The main issue with this change for Silverblue/Kinoite is that this introduces client side
layering by default for all users.
To understand why this is not a good idea, I need to recap a few things: how rpm-ostree
client side layering works, the general goal behind rpm-ostree and image based updates and
what we're trying to do in
https://fedoraproject.org/wiki/Changes/OstreeNativeContainerStable.
First, let's start with rpm-ostree client side layering.
When you update a "pristine" Silverblue system, the following happens:
1. rpm-ostree looks into the remote ostree repo for the latest version commit and
downloads all the files needed for it into the local repo.
2. Once this is done, it creates a new deployments, which is a new copy of /usr made
mostly of hardlinks to the repo.
3. Then you can reboot and you're done.
When you enable client side layering, because you want to change something in the image,
remove a package, add a new one, etc., the following happens:
1. rpm-ostree has to fetch the needed files into the repo like in the previous case (step
1).
2. But then, instead of creating directly creating a new deployment, it creates a
temporary one with the content of the latest commit.
3. From this temporary deployment, rpm-ostree is able to fetch all RPM metadata from the
Fedora repos, then resolve the dependencies for the added/replaced/removed packages and
download the RPMs as needed.
4. It will then create a temporary writable overlay on top of the temporary deployment,
perform the package installations, replacements, removals and optionally rebuild the
initrd.
5. Then it will process the files in this overlay to create a new ostree commit.
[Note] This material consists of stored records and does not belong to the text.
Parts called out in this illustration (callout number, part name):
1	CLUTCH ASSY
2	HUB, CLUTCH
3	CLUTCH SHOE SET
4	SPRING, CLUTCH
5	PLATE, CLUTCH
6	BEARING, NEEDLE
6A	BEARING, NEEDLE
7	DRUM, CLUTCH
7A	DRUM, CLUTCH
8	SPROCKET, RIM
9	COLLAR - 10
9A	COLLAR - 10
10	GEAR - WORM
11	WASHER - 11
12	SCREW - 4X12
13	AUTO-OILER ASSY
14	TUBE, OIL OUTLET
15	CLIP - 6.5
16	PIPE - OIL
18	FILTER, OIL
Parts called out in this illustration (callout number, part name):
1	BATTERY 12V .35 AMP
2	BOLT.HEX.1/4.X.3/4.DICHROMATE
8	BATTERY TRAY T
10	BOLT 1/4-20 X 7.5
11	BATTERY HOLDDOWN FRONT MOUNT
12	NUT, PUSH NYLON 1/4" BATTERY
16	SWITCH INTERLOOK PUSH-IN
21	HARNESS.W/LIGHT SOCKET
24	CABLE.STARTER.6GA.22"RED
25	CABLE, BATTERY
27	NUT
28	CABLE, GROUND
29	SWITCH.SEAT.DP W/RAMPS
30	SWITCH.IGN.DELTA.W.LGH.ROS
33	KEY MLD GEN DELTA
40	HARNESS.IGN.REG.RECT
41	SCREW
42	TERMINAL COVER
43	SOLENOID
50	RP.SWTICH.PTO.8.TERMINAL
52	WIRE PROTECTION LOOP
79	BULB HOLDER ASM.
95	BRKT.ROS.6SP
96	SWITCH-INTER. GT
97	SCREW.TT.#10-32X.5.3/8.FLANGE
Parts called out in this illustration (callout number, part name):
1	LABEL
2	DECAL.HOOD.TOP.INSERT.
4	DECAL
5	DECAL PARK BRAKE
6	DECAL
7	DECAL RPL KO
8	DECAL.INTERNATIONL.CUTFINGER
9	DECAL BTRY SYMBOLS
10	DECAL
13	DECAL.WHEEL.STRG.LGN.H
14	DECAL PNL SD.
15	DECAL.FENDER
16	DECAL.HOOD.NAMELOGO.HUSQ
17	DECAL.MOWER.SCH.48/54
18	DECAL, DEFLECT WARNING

6. Finally, it will deploy this new commit into a new deployment to be used after a
reboot.
Given the additional steps required when client side layering is used, updates will take
longer to be downloaded, prepared and installed and will require more CPU and memory.
Additionally, any operation done on the temporary deployment may fail: missing
dependencies, conflicts, wrong package signatures, etc.
The idea behind rpm-ostree hybrid model is that you don't have to manage package
conflicts, installation, etc. on the client side and instead rely on the server composing
a working image for you. With client side layering, this guarantee goes away and the user
will have to intervene when it fails.
This is the main reason why we recommend to be careful with client side layering: it may
fail and you'll have to figure out why, just like you need to figure out dependency
resolutions issues on a classic DNF based system.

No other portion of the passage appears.